**WHAT TO DO**: In the records below, find the line with "import ezdxf" and the line with "doc.layers.add('C4524', color=7, linetype='Continuous')"; return exactly those lines and every line between them.

**THE RECORDS**:
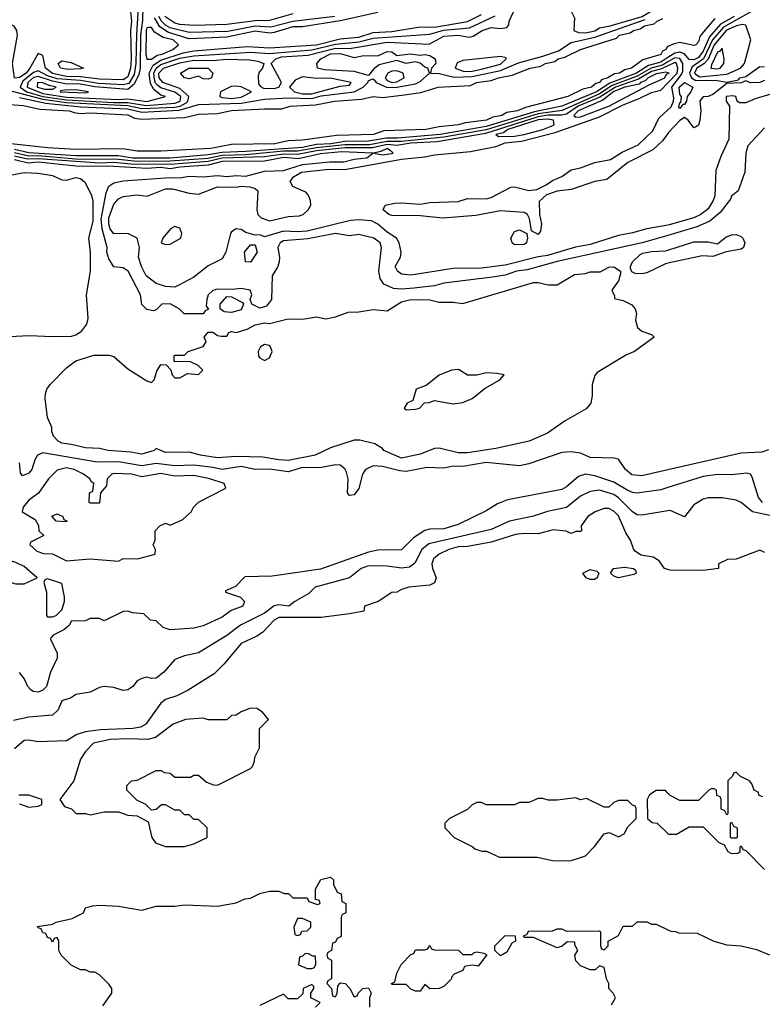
# Model space of a CAD drawing. Header units: inches. Extents: x 2348341 to 2479810, y 460419 to 613669.
# Tile 472 of 656: x 2427251 to 2430400, y 541862 to 546036. Entities that reach past the tile are written whole.
import ezdxf

# ---------------------------------------------------------------- set-up
doc = ezdxf.new("R2010")
doc.units = ezdxf.units.IN
doc.header["$MEASUREMENT"] = 0
doc.layers.add('C4524', color=7, linetype='Continuous')
doc.layers.add('C4534', color=7, linetype='Continuous')

msp = doc.modelspace()

# ---------------------------------------------------------------- linework, layer by layer
at = {"layer": 'C4524', "color": 2}
for points, elevation in [([(2430000, 546348.3), (2429974.9, 546330), (2429930, 546284.5), (2429801.4, 546218.6), (2429750, 546167), (2429730, 546159.3), (2429670, 546162.9), (2429645.1, 546154.9), (2429614.8, 546130), (2429591, 546070), (2429604.1, 546044.1), (2429600.5, 545990), (2429621.5, 545981.5), (2429650, 545980.2), (2429690, 545988.8), (2429710, 546001.6), (2429755.1, 546010), (2429890.9, 546049.1), (2429965.4, 546094.6), (2430000, 546105.6)], 22), ([(2427755.8, 546110), (2427746.2, 545973.8), (2427744.5, 545850), (2427736.6, 545803.4), (2427713.9, 545766.1), (2427690, 545759.5), (2427585.6, 545765.6), (2427510, 545777.9), (2427410, 545785.2), (2427370, 545797.7), (2427330, 545818.6), (2427310, 545812.2), (2427264.9, 545775.1), (2427253, 545750), (2427282, 545730), (2427350, 545711), (2427450, 545696.9), (2427650, 545684.3), (2427710, 545684.9), (2427787.8, 545672.2), (2427910, 545682.5), (2427931.5, 545690), (2427934.5, 545710), (2427910, 545728.3), (2427850, 545747.5), (2427837, 545757), (2427827.5, 545767.5), (2427822.4, 545782.4), (2427820.6, 545810), (2427829.9, 545830.1), (2427850, 545845.9), (2427930, 545872.4), (2427990, 545883), (2428230, 545898.4), (2428310, 545893.4), (2428490, 545908.1), (2428590, 545932.3), (2428690, 545941.8), (2428750, 545957.9), (2428990, 545974.8), (2429049.1, 545990.9), (2429159, 546001), (2429267.3, 546052.7)], 26), ([(2427773.5, 546093.5), (2427772, 546032), (2427764.3, 545970), (2427762.6, 545830), (2427756.8, 545803.2), (2427737.2, 545762.8), (2427710, 545739.9), (2427570, 545751.1), (2427510, 545762.3), (2427444.4, 545764.4), (2427390, 545774.8), (2427330, 545795), (2427310, 545790.4), (2427286.3, 545770), (2427283, 545750), (2427350, 545723.7), (2427450, 545707.9), (2427670, 545697.2), (2427710, 545701), (2427790, 545688.8), (2427869.2, 545710), (2427850, 545716), (2427820.1, 545740.1), (2427806, 545766), (2427800.7, 545810), (2427817.3, 545842.7), (2427850, 545864.3), (2427944.6, 545895.4), (2427990, 545903.8), (2428217.6, 545922.4), (2428310, 545916.8), (2428510, 545929.2), (2428610, 545954.3), (2428690, 545962.2), (2428750, 545981.7), (2428830, 545986.4), (2428950, 546005.6), (2429010, 546005), (2429150, 546027.8), (2429210, 546057.4)], 30), ([(2427721.6, 546070), (2427726, 546030), (2427721.5, 545990), (2427724.8, 545870), (2427721.3, 545830), (2427710, 545794.3), (2427690, 545781.6), (2427590, 545783.6), (2427510, 545793.7), (2427450, 545795.5), (2427390, 545807.7), (2427361.1, 545830), (2427350, 545883.7), (2427330, 545892), (2427295.2, 545830), (2427278.3, 545810), (2427250, 545790.8), (2427230, 545787.8), (2427220.5, 545850), (2427242.1, 545970), (2427239.8, 545990), (2427228.1, 546008.1), (2427210, 546018.3), (2427110, 546039.6)], 22), ([(2427150, 545680.5), (2427268.3, 545671.7), (2427337.3, 545657.3), (2427462, 545650), (2427482, 545642), (2427510, 545638.4), (2427550, 545640.5), (2427710, 545632.1), (2427738.8, 545618.8), (2427770, 545614.7), (2427950, 545622), (2428010, 545635.3), (2428090, 545638.4), (2428150, 545651), (2428290, 545658.4), (2428362.5, 545657.5), (2428398, 545670), (2428505.3, 545674.7), (2428586, 545690), (2428701.2, 545698.8), (2428750, 545710.5), (2428790, 545706.8), (2428882.7, 545717.3), (2428952.7, 545727.3), (2429026, 545750), (2429162.9, 545757.1), (2429189, 545770), (2429250, 545777.6), (2429282, 545790), (2429339.7, 545800.3), (2429415.3, 545830), (2429461.6, 545838.4), (2429481.2, 545850), (2429520.7, 545859.3), (2429534, 545870), (2429563.3, 545876.7), (2429628.7, 545910), (2429782.4, 545957.6), (2429794, 545970), (2429839.7, 545980.3), (2429854, 545990), (2429882.7, 545997.3), (2429901.2, 546010), (2429941.2, 546018.8), (2429954, 546030), (2429978.9, 546041.1)], 14), ([(2427214.4, 545734.4), (2427350, 545698.8), (2427450, 545685.4), (2427710, 545672.8), (2427770, 545659.2), (2427910, 545665.5), (2427932.4, 545670), (2427957, 545683), (2427964.8, 545690), (2427968, 545710), (2427930, 545743.9), (2427858.3, 545770), (2427842.5, 545790), (2427841.7, 545810), (2427861.5, 545830), (2427930, 545853.4), (2427990, 545864.2), (2428070, 545863.5), (2428128.2, 545868.2), (2428226.2, 545866.2), (2428260.9, 545860.9), (2428286, 545850), (2428280.7, 545830), (2428267.1, 545812.9), (2428262, 545798), (2428263.7, 545763.7), (2428272.2, 545752.2), (2428285.5, 545745.5), (2428330, 545743.7), (2428349.6, 545750.4), (2428360.9, 545770), (2428317.2, 545850), (2428337.6, 545870), (2428362.1, 545877.9), (2428474.6, 545885.4), (2428590, 545915.8), (2428650, 545914.4), (2428810, 545940.1), (2428987.4, 545932.6), (2429050, 545966.3), (2429110, 545970.9), (2429157.4, 545962.6), (2429174, 545966), (2429212.7, 545990), (2429250, 546002.6), (2429290, 545998), (2429316.5, 546003.5), (2429325.6, 546014.4), (2429327, 546030), (2429345.6, 546070)], 22), ([(2427250, 545705.7), (2427362.8, 545682.8), (2427510, 545667.1), (2427710, 545658.2), (2427770, 545643.4), (2427927.8, 545652.2), (2428010, 545676.9), (2428190, 545682.5), (2428290, 545699), (2428390, 545705), (2428490, 545701.9), (2428530, 545713.9), (2428670, 545730.8), (2428708.3, 545750), (2428727.6, 545770), (2428730, 545778), (2428750, 545784.9), (2428763, 545770), (2428810, 545747.9), (2428850, 545750.1), (2428930, 545764.4), (2428950, 545773.6), (2428989.2, 545810), (2428982, 545830), (2428970, 545834.5), (2428950, 545852.3), (2428930, 545857.6), (2428890, 545849.8), (2428850, 545862.7), (2428775.5, 545844.5), (2428752.4, 545827.6), (2428730, 545799), (2428670, 545816.2), (2428543.8, 545823.8), (2428514, 545830), (2428512, 545850), (2428527.8, 545870), (2428570, 545890.7), (2428610, 545892.1), (2428670, 545875.8), (2428710, 545884), (2428770, 545882.8), (2428810, 545900.5), (2428830, 545899.1), (2428850, 545884.7), (2428908.4, 545891.6), (2428950, 545885.5), (2428970, 545888.4), (2428990, 545883.7), (2429013, 545870), (2429016.3, 545850), (2428998, 545830), (2428994, 545810), (2429030, 545807.4), (2429092.8, 545792.8), (2429170, 545794.7), (2429290, 545820.4), (2429366.9, 545853.1), (2429470, 545881.2), (2429535.4, 545904.6), (2429590, 545939.4), (2429690, 545962.4), (2429903.7, 546036.3)], 18), ([(2428770, 546066.5), (2428610, 546030.5), (2428450, 546005.7), (2428410, 546005.2), (2428330, 545981.3), (2428310, 545979.2), (2428250, 545987), (2428130, 545962.6), (2427970, 545955.2), (2427882, 545982), (2427845.1, 546005.1), (2427823.7, 546043.7)], 30), ([(2428587.3, 546050), (2428410, 546028.8), (2428315.7, 546004.3), (2428250, 546008.4), (2428133.5, 545986.5), (2427970, 545981.5), (2427890, 546001), (2427870, 546012.1), (2427852.1, 546030), (2427841.5, 546050)], 26), ([(2428410, 546060.4), (2428310, 546033), (2428250, 546031.1), (2428130, 546015.1), (2427991.7, 546011.7), (2427930, 546015.4), (2427910, 546020.9), (2427867.4, 546050)], 22), ([(2430000, 545922.9), (2429998, 545922), (2429990.7, 545910), (2429977.1, 545902.9), (2429970, 545888), (2429894.3, 545865.7), (2429846, 545830), (2429817, 545823), (2429794.8, 545810), (2429773.8, 545806.2), (2429744.7, 545790), (2429718.4, 545781.6), (2429710.4, 545770), (2429694.6, 545765.4), (2429676, 545750), (2429638.8, 545741.2), (2429576, 545710), (2429396, 545664), (2429362, 545650), (2429317.6, 545642.4), (2429296, 545630), (2429257.3, 545622.7), (2429231, 545610), (2429140.9, 545599.1), (2429112, 545590), (2429030, 545582), (2428974, 545570), (2428795.8, 545564.2), (2428752, 545550), (2428595.1, 545544.9), (2428450, 545524.7), (2428390, 545522.9), (2428334, 545510), (2428150, 545506.9), (2428062, 545490), (2427850, 545478), (2427750, 545478), (2427688.6, 545488.6), (2427490, 545485.4), (2427370, 545493.2), (2427190, 545513.2)], 14), ([(2430000, 545875.1), (2429970, 545855.8), (2429917.7, 545842.3), (2429867.2, 545810), (2429753.6, 545766.4), (2429697.7, 545730), (2429550.3, 545670), (2429434.1, 545645.9), (2429230, 545583.5), (2429034, 545550), (2428853.3, 545533.3), (2428806, 545534), (2428730, 545520.6), (2428630, 545520.3), (2428570.1, 545509.9), (2428510, 545506.9), (2428450, 545494.4), (2428210, 545476.7), (2428110, 545473.7), (2428050, 545462.9), (2427890, 545449.6), (2427730, 545449.3), (2427670, 545459.4), (2427490, 545458.3), (2427290, 545472), (2427230, 545485.4)], 18), ([(2430000, 545856.8), (2429976.5, 545843.5), (2429929, 545831), (2429870, 545796.7), (2429763.3, 545756.7), (2429710, 545721.3), (2429551.3, 545651.3), (2429450, 545637), (2429230, 545568.5), (2429050, 545537.9), (2428870, 545519.6), (2428810, 545519.9), (2428734.7, 545505.3), (2428630, 545505.5), (2428510, 545493.3), (2428430, 545478.1), (2428370, 545478), (2428210, 545462.5), (2428110, 545460.5), (2428050, 545448.3), (2427890, 545435.8), (2427750, 545435.6), (2427670, 545443.2), (2427490, 545444.1), (2427330, 545458.9), (2427290, 545457.7), (2427230, 545471.3)], 22), ([(2430000, 545840.2), (2429972.4, 545827.6), (2429930, 545817.1), (2429875.8, 545784.2), (2429777.8, 545750), (2429712, 545708), (2429620.1, 545670), (2429570, 545636.2), (2429550, 545631.4), (2429491.7, 545631.7), (2429450, 545624.4), (2429226.5, 545553.5), (2429022.1, 545517.9), (2428910, 545512.2), (2428850, 545503.1), (2428810, 545506.4), (2428747.2, 545492.8), (2428630, 545492.8), (2428510, 545480.1), (2428430, 545464), (2428370, 545465.5), (2428290, 545454.2), (2428110, 545448.6), (2428050, 545435.6), (2427890, 545421.7), (2427722.9, 545422.9), (2427650, 545430.3), (2427590, 545427.2), (2427330, 545445.9), (2427284.2, 545444.2), (2427230, 545458.1)], 26), ([(2430000, 545811.3), (2429993, 545813), (2429950, 545806.4), (2429915.6, 545790), (2429903.5, 545776.5), (2429884.2, 545770), (2429877.4, 545762.6), (2429817.4, 545750), (2429770, 545731.7), (2429724.6, 545695.4), (2429619.6, 545650), (2429601.5, 545630), (2429610, 545622.4), (2429630, 545624.4), (2429750, 545668.8), (2429920, 545760), (2429987.6, 545790), (2429994.5, 545805.5), (2430000, 545807.8)], 30), ([(2430000, 545164.9), (2429910, 545149.8), (2429850, 545132.6), (2429790, 545121.7), (2429670, 545083.5), (2429607.9, 545072.1), (2429490, 545036.5), (2429449.3, 545030.7), (2429310, 544995.8), (2429210, 544983.1), (2429090, 544982), (2428910, 544952.7), (2428870, 544957.2), (2428854, 544970), (2428843.7, 544990), (2428866, 545030), (2428869.4, 545050), (2428860.9, 545090), (2428849.6, 545109.6), (2428810, 545135.6), (2428769.7, 545169.7), (2428742.8, 545182.8), (2428690, 545188.2), (2428654.7, 545185.3), (2428470, 545139.8), (2428430, 545136.8), (2428370, 545139.8), (2428290, 545116), (2428270, 545124), (2428250, 545122), (2428210, 545134), (2428190, 545146), (2428170, 545149.3), (2428150, 545137.2), (2428146, 545130), (2428125.5, 545050), (2428110, 545022.7), (2428050, 544992.7), (2427990, 544945.1), (2427926.8, 544910), (2427910, 544902.4), (2427870, 544904.7), (2427830, 544918), (2427787.6, 544950), (2427768, 544990), (2427755.6, 545030), (2427759.3, 545070), (2427749, 545110), (2427710, 545129.3), (2427650, 545127.8), (2427634.7, 545150), (2427629.1, 545170), (2427630, 545196), (2427650, 545253.4), (2427670, 545277.1), (2427690, 545286), (2427750, 545293.4), (2427791.5, 545288.5), (2427870, 545319.5), (2427899, 545319), (2427970, 545301), (2428010, 545296), (2428090, 545327.3), (2428170, 545326), (2428189.7, 545330.3), (2428227.1, 545327.1), (2428250, 545321), (2428261, 545310), (2428256.3, 545230), (2428261, 545210), (2428275.9, 545195.9), (2428310, 545184), (2428390, 545202), (2428436, 545204), (2428453.6, 545210), (2428474.5, 545230), (2428486, 545250), (2428485.2, 545270), (2428474, 545294), (2428464.7, 545304.7), (2428409.4, 545329.4), (2428399, 545350), (2428412.3, 545370), (2428446, 545390), (2428562.7, 545402.7), (2428630, 545401.5), (2428870, 545444.7), (2428970, 545454.3), (2429010, 545463.6), (2429162.6, 545477.4), (2429270, 545497.8), (2429310, 545513.4), (2429379.5, 545520.5), (2429522.1, 545557.9), (2429710, 545624.1), (2429810, 545675.5), (2429878.4, 545701.6), (2429930, 545727.9), (2429970, 545737.1), (2430000, 545768.8)], 26), ([(2430000, 545553.2), (2429977.7, 545522.3), (2429935.9, 545484.1), (2429829.4, 545430.6), (2429741.3, 545358.7), (2429690, 545349.6), (2429590, 545315.6), (2429530, 545309.8), (2429485.7, 545294.3), (2429454.7, 545265.3), (2429455.5, 545210), (2429464, 545170), (2429459.8, 545140.2), (2429450, 545126), (2429421.2, 545141.2), (2429412.7, 545192.7), (2429404, 545210), (2429390, 545219.3), (2429290, 545225.1), (2429185.8, 545205.8), (2429045.1, 545194.9), (2428950, 545203.9), (2428830, 545206), (2428817.2, 545210), (2428792.7, 545230), (2428801.2, 545250), (2428841.8, 545258.2), (2428870, 545260.2), (2428950, 545254), (2428990, 545261.3), (2429110, 545264.9), (2429150, 545278), (2429230, 545276.5), (2429250, 545282.6), (2429334, 545326), (2429350, 545327.4), (2429410, 545312.3), (2429443.6, 545316.4), (2429484.4, 545335.6), (2429510, 545354.6), (2429550, 545371.8), (2429590, 545398.9), (2429630, 545408.2), (2429690, 545431.3), (2429756.9, 545443.1), (2429805.7, 545474.3), (2429874.4, 545505.6), (2429935.6, 545564.4), (2429961, 545619), (2430000, 545653.9)], 22), ([(2430000, 545121.9), (2429890.5, 545089.5), (2429530, 545010.8), (2429403.6, 544976.4), (2429358, 544970), (2429310, 544953.7), (2429255.6, 544944.4), (2429050, 544918.5), (2429010, 544908), (2428922.7, 544897.3), (2428870, 544893.5), (2428836.6, 544896.6), (2428795.6, 544915.6), (2428779.3, 544939.3), (2428773.6, 544970), (2428785.6, 545070), (2428779.6, 545090), (2428753.2, 545110), (2428690, 545125.2), (2428650, 545119.3), (2428590, 545129.5), (2428472.9, 545107.1), (2428370, 545098.5), (2428356.4, 545090), (2428346.5, 545070), (2428353.4, 545030), (2428351.8, 545010), (2428346.5, 544990), (2428322.4, 544950), (2428319.5, 544850), (2428298.6, 544821.4), (2428270, 544812.8), (2428236, 544830), (2428228.7, 544850), (2428235.1, 544870), (2428229.1, 544889.1), (2428190, 544897), (2428152.7, 544892.7), (2428090, 544894), (2428070, 544888.7), (2428051.3, 544870), (2428044.7, 544850), (2428042, 544822), (2428051.6, 544808.4), (2428038, 544802), (2428030, 544788.7), (2427948.9, 544788.9), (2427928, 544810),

**ANSWER TO THIS PROBLEM**:
import ezdxf

# ---------------------------------------------------------------- set-up
doc = ezdxf.new("R2010")
doc.units = ezdxf.units.IN
doc.header["$MEASUREMENT"] = 0
doc.layers.add('C4524', color=7, linetype='Continuous')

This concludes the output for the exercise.